[Data]
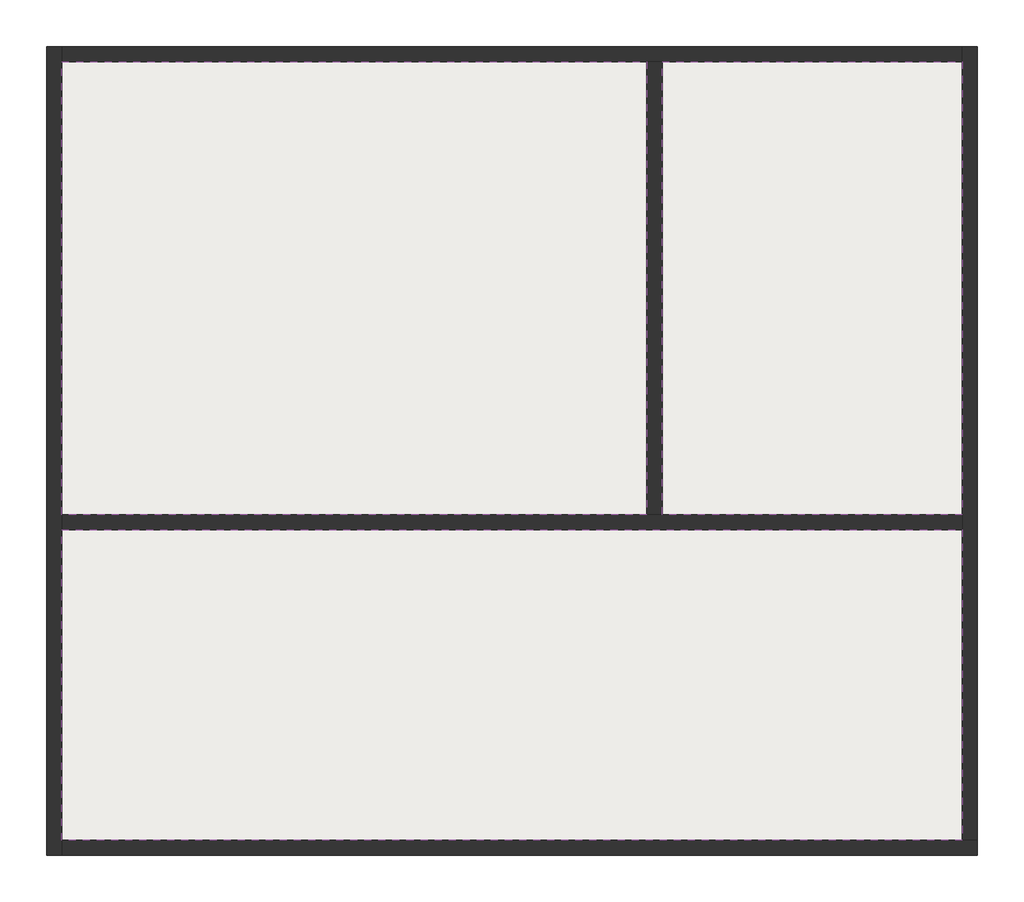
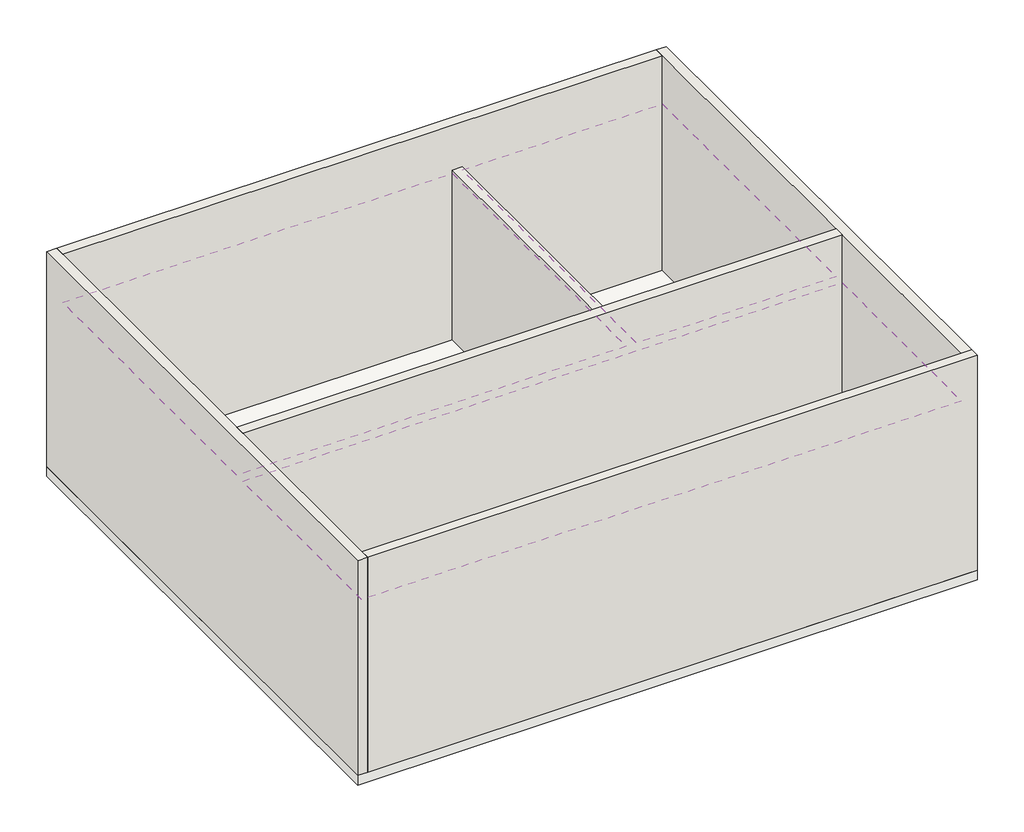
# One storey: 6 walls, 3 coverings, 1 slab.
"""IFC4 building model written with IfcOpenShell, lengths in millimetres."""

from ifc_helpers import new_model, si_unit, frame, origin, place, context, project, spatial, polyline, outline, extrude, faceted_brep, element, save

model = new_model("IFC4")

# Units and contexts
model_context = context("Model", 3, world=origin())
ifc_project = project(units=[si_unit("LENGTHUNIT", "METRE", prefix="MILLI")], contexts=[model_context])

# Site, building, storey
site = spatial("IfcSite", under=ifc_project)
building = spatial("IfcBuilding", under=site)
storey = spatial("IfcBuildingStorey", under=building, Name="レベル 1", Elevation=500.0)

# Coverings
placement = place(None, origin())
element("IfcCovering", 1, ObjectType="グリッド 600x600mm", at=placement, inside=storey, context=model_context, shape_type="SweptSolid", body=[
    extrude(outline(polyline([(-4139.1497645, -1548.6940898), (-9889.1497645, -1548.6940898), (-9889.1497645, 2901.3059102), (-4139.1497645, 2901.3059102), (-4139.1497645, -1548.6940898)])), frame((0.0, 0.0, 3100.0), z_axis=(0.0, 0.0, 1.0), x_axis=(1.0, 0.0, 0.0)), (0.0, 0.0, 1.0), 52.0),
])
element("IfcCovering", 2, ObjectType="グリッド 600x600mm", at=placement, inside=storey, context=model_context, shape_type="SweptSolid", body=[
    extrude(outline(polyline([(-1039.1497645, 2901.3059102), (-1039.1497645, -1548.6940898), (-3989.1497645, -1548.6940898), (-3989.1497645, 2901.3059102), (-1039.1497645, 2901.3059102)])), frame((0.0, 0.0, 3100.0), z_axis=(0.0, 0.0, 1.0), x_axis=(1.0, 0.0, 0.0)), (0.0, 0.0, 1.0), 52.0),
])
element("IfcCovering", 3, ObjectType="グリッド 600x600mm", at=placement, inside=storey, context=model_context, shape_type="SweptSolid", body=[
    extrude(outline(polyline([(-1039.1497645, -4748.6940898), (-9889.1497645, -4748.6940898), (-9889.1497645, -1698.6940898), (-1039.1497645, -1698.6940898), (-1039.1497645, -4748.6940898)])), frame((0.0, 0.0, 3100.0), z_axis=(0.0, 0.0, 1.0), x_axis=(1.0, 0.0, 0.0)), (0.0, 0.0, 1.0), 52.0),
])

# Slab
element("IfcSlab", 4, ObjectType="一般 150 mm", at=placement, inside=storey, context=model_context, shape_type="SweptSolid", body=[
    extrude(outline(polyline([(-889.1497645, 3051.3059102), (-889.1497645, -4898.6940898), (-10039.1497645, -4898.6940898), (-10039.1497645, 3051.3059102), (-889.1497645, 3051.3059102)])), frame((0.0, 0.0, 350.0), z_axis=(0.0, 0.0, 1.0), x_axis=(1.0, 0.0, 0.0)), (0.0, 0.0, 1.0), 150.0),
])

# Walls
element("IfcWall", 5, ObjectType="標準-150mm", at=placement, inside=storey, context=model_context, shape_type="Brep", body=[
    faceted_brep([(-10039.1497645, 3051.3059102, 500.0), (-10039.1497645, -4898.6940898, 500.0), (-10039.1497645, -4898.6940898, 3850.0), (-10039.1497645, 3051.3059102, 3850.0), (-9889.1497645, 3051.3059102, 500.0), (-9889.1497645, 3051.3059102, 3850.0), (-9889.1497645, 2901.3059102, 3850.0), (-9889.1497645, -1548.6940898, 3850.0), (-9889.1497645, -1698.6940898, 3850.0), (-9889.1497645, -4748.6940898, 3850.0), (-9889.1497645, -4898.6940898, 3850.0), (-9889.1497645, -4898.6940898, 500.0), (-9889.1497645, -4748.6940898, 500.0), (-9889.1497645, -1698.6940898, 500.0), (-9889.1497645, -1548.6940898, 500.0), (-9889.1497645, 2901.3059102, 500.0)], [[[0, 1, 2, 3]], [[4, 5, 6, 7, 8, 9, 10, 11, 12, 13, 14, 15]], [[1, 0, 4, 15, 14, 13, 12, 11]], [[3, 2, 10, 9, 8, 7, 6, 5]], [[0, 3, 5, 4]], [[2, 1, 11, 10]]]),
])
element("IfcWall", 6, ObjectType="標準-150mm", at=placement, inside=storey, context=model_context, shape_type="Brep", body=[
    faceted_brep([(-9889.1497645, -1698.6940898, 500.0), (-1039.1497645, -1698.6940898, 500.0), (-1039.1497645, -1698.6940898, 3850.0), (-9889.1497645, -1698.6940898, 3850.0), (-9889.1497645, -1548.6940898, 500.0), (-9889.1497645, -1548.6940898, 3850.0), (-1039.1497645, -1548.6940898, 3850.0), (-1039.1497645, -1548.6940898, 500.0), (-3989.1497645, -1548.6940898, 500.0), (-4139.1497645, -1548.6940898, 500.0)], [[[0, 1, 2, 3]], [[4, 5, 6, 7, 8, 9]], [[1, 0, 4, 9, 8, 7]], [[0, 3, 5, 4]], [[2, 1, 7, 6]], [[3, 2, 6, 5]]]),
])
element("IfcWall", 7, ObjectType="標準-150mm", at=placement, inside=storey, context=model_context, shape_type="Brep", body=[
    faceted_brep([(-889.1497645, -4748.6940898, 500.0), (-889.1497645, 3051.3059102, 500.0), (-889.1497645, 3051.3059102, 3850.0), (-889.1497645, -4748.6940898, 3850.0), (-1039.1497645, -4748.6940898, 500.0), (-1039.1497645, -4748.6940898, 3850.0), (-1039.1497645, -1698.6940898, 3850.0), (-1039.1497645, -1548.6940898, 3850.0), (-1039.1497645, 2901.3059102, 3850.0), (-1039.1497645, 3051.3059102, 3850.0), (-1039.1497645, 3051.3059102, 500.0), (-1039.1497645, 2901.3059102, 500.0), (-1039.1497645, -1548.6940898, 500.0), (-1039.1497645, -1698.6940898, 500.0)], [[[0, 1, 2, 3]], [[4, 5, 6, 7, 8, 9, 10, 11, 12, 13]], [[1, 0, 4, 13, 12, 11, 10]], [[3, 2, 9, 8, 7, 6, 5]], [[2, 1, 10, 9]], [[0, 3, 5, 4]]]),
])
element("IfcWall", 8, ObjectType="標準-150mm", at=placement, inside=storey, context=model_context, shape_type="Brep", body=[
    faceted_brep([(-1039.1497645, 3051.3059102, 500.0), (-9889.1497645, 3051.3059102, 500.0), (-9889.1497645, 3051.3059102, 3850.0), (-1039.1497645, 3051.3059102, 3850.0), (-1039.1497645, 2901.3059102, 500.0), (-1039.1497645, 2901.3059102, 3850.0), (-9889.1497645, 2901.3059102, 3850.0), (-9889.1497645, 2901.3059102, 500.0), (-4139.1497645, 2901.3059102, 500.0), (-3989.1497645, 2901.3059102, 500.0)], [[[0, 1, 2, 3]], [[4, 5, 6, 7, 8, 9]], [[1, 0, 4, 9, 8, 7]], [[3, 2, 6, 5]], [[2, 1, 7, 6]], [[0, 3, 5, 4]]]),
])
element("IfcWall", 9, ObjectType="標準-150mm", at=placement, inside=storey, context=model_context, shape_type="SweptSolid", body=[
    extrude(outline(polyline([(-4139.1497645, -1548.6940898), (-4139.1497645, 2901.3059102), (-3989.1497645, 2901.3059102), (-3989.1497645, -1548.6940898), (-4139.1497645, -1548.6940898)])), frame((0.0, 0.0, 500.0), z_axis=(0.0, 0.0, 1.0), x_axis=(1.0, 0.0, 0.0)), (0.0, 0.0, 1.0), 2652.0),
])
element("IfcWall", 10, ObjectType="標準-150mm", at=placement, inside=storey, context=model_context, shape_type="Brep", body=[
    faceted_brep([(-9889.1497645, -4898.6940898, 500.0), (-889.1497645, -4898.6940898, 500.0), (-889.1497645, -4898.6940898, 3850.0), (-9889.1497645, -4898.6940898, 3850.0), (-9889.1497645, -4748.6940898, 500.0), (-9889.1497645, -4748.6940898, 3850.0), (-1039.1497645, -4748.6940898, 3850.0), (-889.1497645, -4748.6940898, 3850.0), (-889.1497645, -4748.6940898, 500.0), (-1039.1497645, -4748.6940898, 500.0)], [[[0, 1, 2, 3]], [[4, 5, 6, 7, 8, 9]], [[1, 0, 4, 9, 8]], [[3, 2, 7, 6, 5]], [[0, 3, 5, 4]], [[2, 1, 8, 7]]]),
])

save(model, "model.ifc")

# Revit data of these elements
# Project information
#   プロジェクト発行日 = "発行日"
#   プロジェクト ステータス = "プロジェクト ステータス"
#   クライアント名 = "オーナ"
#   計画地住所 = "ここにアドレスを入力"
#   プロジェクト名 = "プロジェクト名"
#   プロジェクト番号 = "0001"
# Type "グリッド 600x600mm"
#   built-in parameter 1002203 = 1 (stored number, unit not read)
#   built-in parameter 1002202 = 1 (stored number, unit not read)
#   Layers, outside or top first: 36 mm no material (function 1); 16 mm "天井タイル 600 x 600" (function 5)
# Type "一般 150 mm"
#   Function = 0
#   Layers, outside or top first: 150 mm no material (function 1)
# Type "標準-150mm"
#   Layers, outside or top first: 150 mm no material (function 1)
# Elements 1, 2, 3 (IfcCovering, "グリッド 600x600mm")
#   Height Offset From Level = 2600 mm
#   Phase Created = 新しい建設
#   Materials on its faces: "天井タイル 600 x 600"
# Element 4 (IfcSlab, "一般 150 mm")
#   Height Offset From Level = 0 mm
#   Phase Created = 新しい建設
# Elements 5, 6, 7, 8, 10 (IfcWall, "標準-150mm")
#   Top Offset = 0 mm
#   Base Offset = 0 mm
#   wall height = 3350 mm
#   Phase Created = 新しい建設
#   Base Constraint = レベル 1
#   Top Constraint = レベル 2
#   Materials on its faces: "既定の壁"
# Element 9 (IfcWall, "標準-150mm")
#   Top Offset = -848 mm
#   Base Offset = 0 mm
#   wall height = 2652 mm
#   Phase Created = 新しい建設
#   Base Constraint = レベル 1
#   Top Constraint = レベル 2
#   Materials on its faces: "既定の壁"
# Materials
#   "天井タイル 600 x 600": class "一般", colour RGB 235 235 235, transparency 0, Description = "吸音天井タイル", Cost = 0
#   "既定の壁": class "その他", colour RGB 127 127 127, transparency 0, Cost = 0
[/Data]
What you have to do = Extract from the records above the lines from the one containing "Top Offset = 0 mm" to the one containing "# Materials", both lines included, exactly as they appear and with nothing else.

Reply to the task =
#   Top Offset = 0 mm
#   Base Offset = 0 mm
#   wall height = 3350 mm
#   Phase Created = 新しい建設
#   Base Constraint = レベル 1
#   Top Constraint = レベル 2
#   Materials on its faces: "既定の壁"
# Element 9 (IfcWall, "標準-150mm")
#   Top Offset = -848 mm
#   Base Offset = 0 mm
#   wall height = 2652 mm
#   Phase Created = 新しい建設
#   Base Constraint = レベル 1
#   Top Constraint = レベル 2
#   Materials on its faces: "既定の壁"
# Materials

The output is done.